===== Information =====

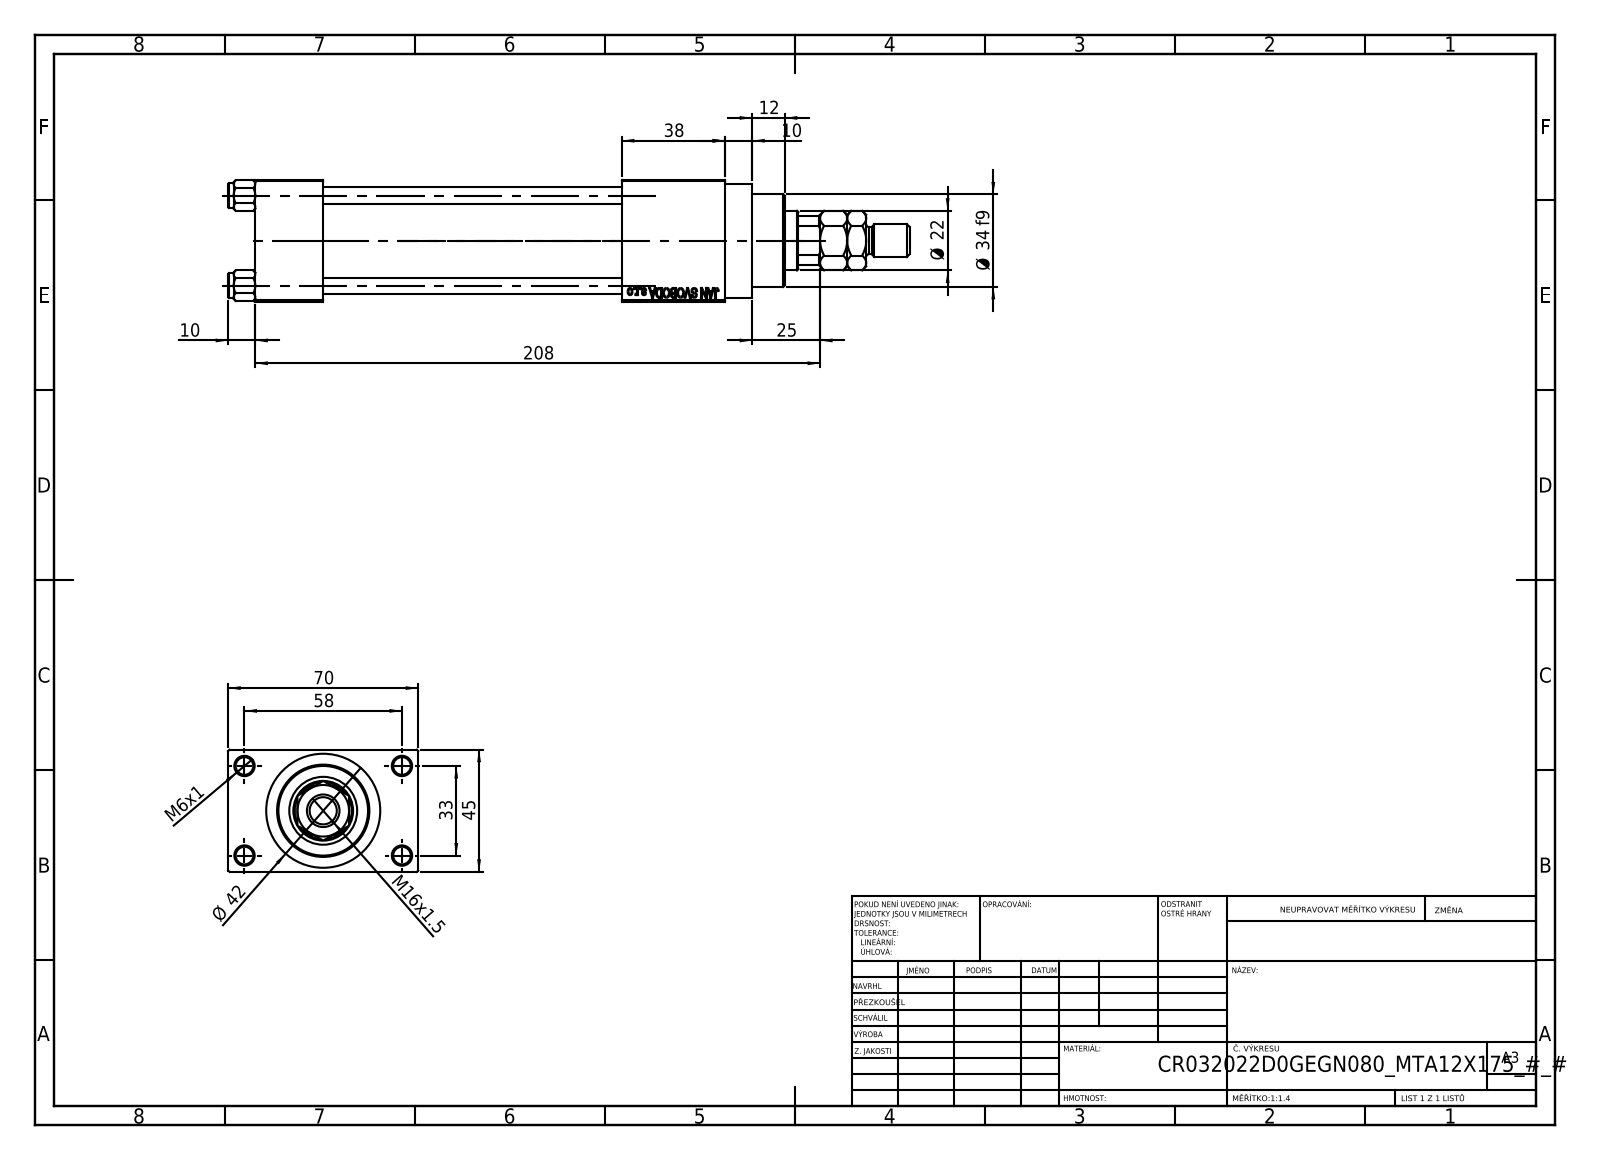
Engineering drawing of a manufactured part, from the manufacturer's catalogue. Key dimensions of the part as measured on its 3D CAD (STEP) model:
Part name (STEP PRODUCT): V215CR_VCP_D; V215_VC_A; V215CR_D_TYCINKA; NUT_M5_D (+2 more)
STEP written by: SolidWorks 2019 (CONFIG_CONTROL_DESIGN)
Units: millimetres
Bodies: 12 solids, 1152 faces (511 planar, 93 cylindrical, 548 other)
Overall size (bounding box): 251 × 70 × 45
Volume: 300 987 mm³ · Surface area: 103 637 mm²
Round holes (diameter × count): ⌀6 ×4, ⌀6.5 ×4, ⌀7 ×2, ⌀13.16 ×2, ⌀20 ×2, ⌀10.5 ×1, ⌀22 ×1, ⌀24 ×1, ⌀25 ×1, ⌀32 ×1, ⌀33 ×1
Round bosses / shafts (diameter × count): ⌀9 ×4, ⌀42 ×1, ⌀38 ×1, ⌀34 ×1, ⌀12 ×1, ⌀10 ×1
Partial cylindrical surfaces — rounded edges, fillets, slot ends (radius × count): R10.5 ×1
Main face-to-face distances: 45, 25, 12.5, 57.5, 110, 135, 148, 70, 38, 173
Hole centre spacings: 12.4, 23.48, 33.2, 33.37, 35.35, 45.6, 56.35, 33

=====

* [Task] When you write out the material, reproduce each line exactly and omit any picture it holds.

* [Task solution]
Engineering drawing of a manufactured part, from the manufacturer's catalogue. Key dimensions of the part as measured on its 3D CAD (STEP) model:
Part name (STEP PRODUCT): V215CR_VCP_D; V215_VC_A; V215CR_D_TYCINKA; NUT_M5_D (+2 more)
STEP written by: SolidWorks 2019 (CONFIG_CONTROL_DESIGN)
Units: millimetres
Bodies: 12 solids, 1152 faces (511 planar, 93 cylindrical, 548 other)
Overall size (bounding box): 251 × 70 × 45
Volume: 300 987 mm³ · Surface area: 103 637 mm²
Round holes (diameter × count): ⌀6 ×4, ⌀6.5 ×4, ⌀7 ×2, ⌀13.16 ×2, ⌀20 ×2, ⌀10.5 ×1, ⌀22 ×1, ⌀24 ×1, ⌀25 ×1, ⌀32 ×1, ⌀33 ×1
Round bosses / shafts (diameter × count): ⌀9 ×4, ⌀42 ×1, ⌀38 ×1, ⌀34 ×1, ⌀12 ×1, ⌀10 ×1
Partial cylindrical surfaces — rounded edges, fillets, slot ends (radius × count): R10.5 ×1
Main face-to-face distances: 45, 25, 12.5, 57.5, 110, 135, 148, 70, 38, 173
Hole centre spacings: 12.4, 23.48, 33.2, 33.37, 35.35, 45.6, 56.35, 33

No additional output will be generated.